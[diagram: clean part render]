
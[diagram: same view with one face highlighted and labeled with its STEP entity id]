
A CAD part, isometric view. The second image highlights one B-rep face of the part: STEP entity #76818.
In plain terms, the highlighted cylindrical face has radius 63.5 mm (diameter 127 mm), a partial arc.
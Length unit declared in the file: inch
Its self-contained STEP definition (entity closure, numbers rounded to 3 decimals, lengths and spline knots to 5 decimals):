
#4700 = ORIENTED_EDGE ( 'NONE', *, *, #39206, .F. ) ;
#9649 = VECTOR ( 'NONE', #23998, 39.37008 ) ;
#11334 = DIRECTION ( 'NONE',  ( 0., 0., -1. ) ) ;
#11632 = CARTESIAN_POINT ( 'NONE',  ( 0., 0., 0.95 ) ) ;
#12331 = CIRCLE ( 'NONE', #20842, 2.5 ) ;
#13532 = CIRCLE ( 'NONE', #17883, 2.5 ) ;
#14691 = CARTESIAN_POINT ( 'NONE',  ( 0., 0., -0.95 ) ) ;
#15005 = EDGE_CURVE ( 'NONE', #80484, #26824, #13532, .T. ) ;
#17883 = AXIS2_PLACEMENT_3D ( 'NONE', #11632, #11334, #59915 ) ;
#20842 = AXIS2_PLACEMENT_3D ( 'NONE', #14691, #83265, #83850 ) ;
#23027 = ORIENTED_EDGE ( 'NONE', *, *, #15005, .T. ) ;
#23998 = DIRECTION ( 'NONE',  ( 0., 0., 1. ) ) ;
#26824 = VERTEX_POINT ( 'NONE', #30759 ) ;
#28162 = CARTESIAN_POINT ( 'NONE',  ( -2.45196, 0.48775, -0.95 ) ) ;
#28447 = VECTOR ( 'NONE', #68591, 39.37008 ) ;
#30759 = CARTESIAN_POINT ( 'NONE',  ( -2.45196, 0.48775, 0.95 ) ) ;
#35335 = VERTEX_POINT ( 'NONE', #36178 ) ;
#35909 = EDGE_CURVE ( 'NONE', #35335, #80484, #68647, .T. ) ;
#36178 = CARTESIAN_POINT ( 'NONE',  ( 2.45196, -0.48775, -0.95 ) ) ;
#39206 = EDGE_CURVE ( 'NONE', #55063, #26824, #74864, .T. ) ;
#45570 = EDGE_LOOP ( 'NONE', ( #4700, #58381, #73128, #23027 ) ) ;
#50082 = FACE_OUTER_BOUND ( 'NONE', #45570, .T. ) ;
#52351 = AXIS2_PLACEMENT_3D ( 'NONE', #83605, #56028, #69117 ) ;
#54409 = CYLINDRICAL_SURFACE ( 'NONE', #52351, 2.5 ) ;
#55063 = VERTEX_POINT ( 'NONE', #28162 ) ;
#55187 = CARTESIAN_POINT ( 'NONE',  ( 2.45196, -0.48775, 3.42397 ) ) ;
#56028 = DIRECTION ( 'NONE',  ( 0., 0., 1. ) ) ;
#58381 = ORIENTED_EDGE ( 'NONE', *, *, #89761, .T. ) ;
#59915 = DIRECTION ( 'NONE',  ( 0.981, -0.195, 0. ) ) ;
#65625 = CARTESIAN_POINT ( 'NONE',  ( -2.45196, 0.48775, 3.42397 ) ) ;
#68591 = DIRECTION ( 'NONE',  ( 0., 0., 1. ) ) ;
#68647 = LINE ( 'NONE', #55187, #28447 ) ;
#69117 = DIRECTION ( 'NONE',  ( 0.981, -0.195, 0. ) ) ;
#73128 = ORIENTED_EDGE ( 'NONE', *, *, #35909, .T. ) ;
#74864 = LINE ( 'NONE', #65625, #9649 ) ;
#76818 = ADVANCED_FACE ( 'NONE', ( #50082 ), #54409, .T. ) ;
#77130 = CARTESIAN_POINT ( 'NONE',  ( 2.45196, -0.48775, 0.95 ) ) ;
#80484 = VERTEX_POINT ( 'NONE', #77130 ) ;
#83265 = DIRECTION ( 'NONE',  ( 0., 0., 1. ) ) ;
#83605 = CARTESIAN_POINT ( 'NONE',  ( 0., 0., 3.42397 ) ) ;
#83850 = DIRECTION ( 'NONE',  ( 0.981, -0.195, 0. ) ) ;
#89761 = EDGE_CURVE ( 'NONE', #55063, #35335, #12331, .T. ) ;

------------------------------

### WHAT YOU WILL DO
All that belongs in the answer is the run of lines above from the line containing "#52351 = AXIS2_PLACEMENT_3D" through the line containing "#80484 = VERTEX_POINT ( 'NONE', #77130 ) ;", exactly as written.

### WORKED SOLUTION
#52351 = AXIS2_PLACEMENT_3D ( 'NONE', #83605, #56028, #69117 ) ;
#54409 = CYLINDRICAL_SURFACE ( 'NONE', #52351, 2.5 ) ;
#55063 = VERTEX_POINT ( 'NONE', #28162 ) ;
#55187 = CARTESIAN_POINT ( 'NONE',  ( 2.45196, -0.48775, 3.42397 ) ) ;
#56028 = DIRECTION ( 'NONE',  ( 0., 0., 1. ) ) ;
#58381 = ORIENTED_EDGE ( 'NONE', *, *, #89761, .T. ) ;
#59915 = DIRECTION ( 'NONE',  ( 0.981, -0.195, 0. ) ) ;
#65625 = CARTESIAN_POINT ( 'NONE',  ( -2.45196, 0.48775, 3.42397 ) ) ;
#68591 = DIRECTION ( 'NONE',  ( 0., 0., 1. ) ) ;
#68647 = LINE ( 'NONE', #55187, #28447 ) ;
#69117 = DIRECTION ( 'NONE',  ( 0.981, -0.195, 0. ) ) ;
#73128 = ORIENTED_EDGE ( 'NONE', *, *, #35909, .T. ) ;
#74864 = LINE ( 'NONE', #65625, #9649 ) ;
#76818 = ADVANCED_FACE ( 'NONE', ( #50082 ), #54409, .T. ) ;
#77130 = CARTESIAN_POINT ( 'NONE',  ( 2.45196, -0.48775, 0.95 ) ) ;
#80484 = VERTEX_POINT ( 'NONE', #77130 ) ;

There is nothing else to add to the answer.